Yes. 7:30 pm is the standard meet time. You'll be there early enough to scope it out beforehand. The place is small enough that we'll all meet up eventually even if for some reason you miss the sun deck meet up. I know several of us will be skiing the Nor'easter and Exhibition bumps (also skier's right) exclusively.

I can't wait! I hope to be there shortly before 7 pm to take a couple warm-up runs. See you at the sun deck at 7:30!


----------



## bvibert (Jan 31, 2007)

Greg said:


> I can't wait!



Me either!  It was killing me last night to have to be there and not be able to ski.  Especially when I over-heard kids talking about hitting Nor'easter for the next run...  Everyone I talked to said the conditions were really good in general, but I didn't get any beta on the bumps.


----------



## Grassi21 (Jan 31, 2007)

I'll be riding the lift by 6.  Marc, if you are going to be there around the same time we can meet at the base or the sundeck.  I'll be wearing the same get-up as you see in my avatar.  Let me know.


----------



## Marc (Jan 31, 2007)

Grassi21 said:


> I'll be riding the lift by 6.  Marc, if you are going to be there around the same time we can meet at the base or the sundeck.  I'll be wearing the same get-up as you see in my avatar.  Let me know.
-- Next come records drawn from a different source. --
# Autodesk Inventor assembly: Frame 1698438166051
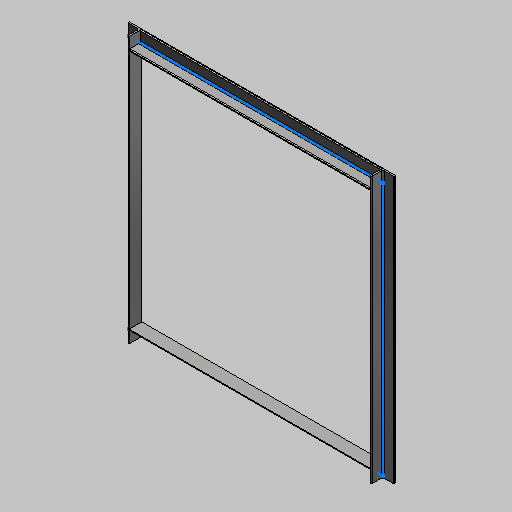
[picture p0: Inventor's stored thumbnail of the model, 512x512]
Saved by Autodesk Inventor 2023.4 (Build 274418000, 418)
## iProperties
Created: 2023-10
Part Number: Frame 1698438166051
Material: Steel, Mild
Document SubType Name: Assembly
Designer: Fred L.
Mass: 2431.55 g
Surface Area: 2020.83 cm^2
Volume: 309.752 cm^3
Density: 7.85 g/cm^3
_FrameDoc: Frame Assembly
_Version: 25.0.0
Quantity: 0
Mass: 5.36
Author: Fred L.
Revision Number: 00
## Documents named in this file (6)
- C:\Vault Workspace\Designs\_Fred\IV Forum\FG2\FG\Frame\Frame 1698438166051.iam
- C:\Vault Workspace\Designs\_Fred\IV Forum\FG2\FG\Frame\Skeleton 1698438166052.ipt
- C:\Vault Workspace\Designs\_Fred\IV Forum\FG2\FG\Frame\AISC (L 1 x 1 x 1_8) 1698438168295.ipt
- C:\Vault Workspace\Designs\_Fred\IV Forum\FG2\FG\Frame\AISC (L 1 x 1 x 1_8) 1698438168341.ipt
- C:\Vault Workspace\Designs\_Fred\IV Forum\FG2\FG\Frame\AISC (L 1 x 1 x 1_8) 1698438168386.ipt
- C:\Vault Workspace\Designs\_Fred\IV Forum\FG2\FG\Frame\AISC (L 1 x 1 x 1_8) 1698438168431.ipt
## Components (5 placed, 3 different names)
1. Reference Skeleton
2. AISC (L 1 x 1 x 1/8) - 21:1
3. AISC (L 1 x 1 x 1/8) - 19:2
4. AISC (L 1 x 1 x 1/8) - 21:3
5. AISC (L 1 x 1 x 1/8) - 19:4
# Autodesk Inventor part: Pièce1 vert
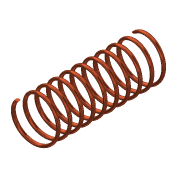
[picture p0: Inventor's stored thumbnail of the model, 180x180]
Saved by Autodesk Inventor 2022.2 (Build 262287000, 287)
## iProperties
Created: 2016-09
Part Number: Pièce1 vert
Material: Rame
Document SubType Name: Modeling
Designer: 18907419
Density: 8.94 g/cm^3
Appearance: Rame - Satinato
Author: 18907419
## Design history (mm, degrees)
feature "Solido1"
node "Solido2"

I just realized I forgot my ski pants at home... so I'll probably be there by 6, hopefully.  Eh, mebbe 5:30.  I'm going to try to duck out of work at 3.  Yeah, I should be able to get to the sundeck shortly after the night session starts.  So a few minutes past six depending on the lines.  Let's plan on that.

I'll be wearing a red marmot shell with black pants and a black helmet.  Similar to your outfit except the shell is solid red all over.


----------



## Grassi21 (Jan 31, 2007)

Marc said:


> I just realized I forgot my ski pants at home... so I'll probably be there by 6, hopefully.  Eh, mebbe 5:30.  I'm going to try to duck out of work at 3.  Yeah, I should be able to get to the sundeck shortly after the night session starts.  So a few minutes past six depending on the lines.  Let's plan on that.
> 
> I'll be wearing a red marmot shell with black pants and a black helmet.  Similar to your outfit except the shell is solid red all over.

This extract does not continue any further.